- Marale Location in Honduras
- Coordinates: 14°55′0″N 87°2′6″W﻿ / ﻿14.91667°N 87.03500°W
- Country: Honduras
- Department: Francisco Morazán
- Founded: 1820
- Municipality: 1889

Area
- • Total: 476 km^{2} (184 sq mi)

Population (2015)
- • Total: 9,170
- • Density: 19/km^{2} (50/sq mi)

= Marale =

Marale is a municipality in the department of Francisco Morazán, Honduras.

==Location==
Marale is bordered on the north by the municipality of Yoro, south by the municipalities of El Porvenir and San Ignacio, to the east by the municipalities of Mangulile, Yocón and Orica, and west by the municipalities of Sulaco, Yorito and San José del Potrero.
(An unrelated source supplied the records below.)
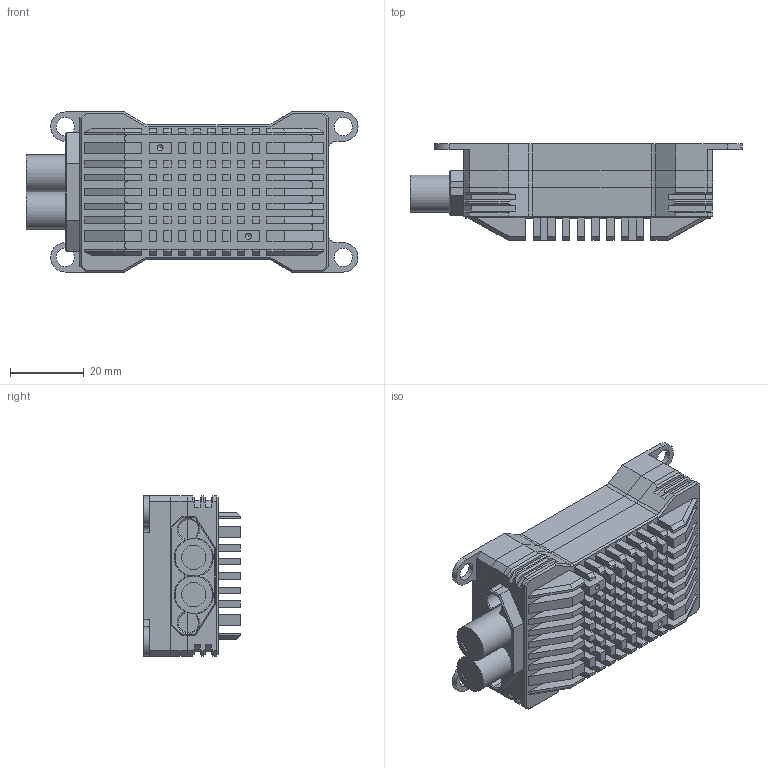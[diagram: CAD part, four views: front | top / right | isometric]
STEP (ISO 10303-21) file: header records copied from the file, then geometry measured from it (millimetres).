
FILE_DESCRIPTION(/* description */ (''),/* implementation_level */ '2;1');
FILE_NAME(/* name */ 'Saphir-Aureus V2 135-155 ANL v2.step',/* time_stamp */ '2026-03-13T09:41:01+01:00',/* author */ (''),/* organization */ (''),/* preprocessor_version */ 'ST-DEVELOPER v20.1',/* originating_system */ 'Autodesk Translation Framework v14.24.0.0',/* authorisation */ '');
FILE_SCHEMA (('AUTOMOTIVE_DESIGN { 1 0 10303 214 3 1 1 }'));
Length unit declared in the file: millimetre
Products named in the file (5): Aureus 135 V2 - ANL; Elkos; Oberteil; Unterteil; Zwischenteil
Assembly tree (4 placements, depth 2):
  Aureus 135 V2 - ANL
    Elkos
    Oberteil
    Unterteil
    Zwischenteil
Bounding box: 90.15 x 26.16 x 43.5 mm (x, y, z)
Volume: 57829.4 mm3; surface area: 31432.5 mm2
Topology: 5 solids, 5 shells, 786 faces, 2075 edges, 1364 vertices
Faces by surface type: plane 681, cylinder 81, cone 24
Full cylindrical faces by diameter (mm): 0.6 x4, 1.623 x6, 2 x8, 5 x4, 6.6 x2, 10.15 x1
Entity records: 24149 total; most frequent: CARTESIAN_POINT 4245, ORIENTED_EDGE 4138, DIRECTION 3833, EDGE_CURVE 2069, LINE 1881, VECTOR 1881, VERTEX_POINT 1364, AXIS2_PLACEMENT_3D 976

It is surrounded by several ranges of hills, known as El Portillo, La Loma de la Cruz and Mud Loma.

==History==
Marale was founded in 1820, and in 1889 became one of the municipalities of the Cedros District.

==Villages==
The municipality of Marale encompasses the following eleven villages:
- Marale (county seat)
- El Carrizal
- El Panal
- El Paraíso
- La Esperanza o El Cacao
- La Travesía
- Las Casitas
- Las Lagunas
- Los Naranjos
- Los Planes
- Río Abajo

==Economy==
The main source of livelihood in the parish is agriculture, especially the production of corn and beans.

==Culture==
The parish is mainly Roman Catholic.
The new year is marked with the celebration of La Feria, in honour of Cristo negro (Black Christ).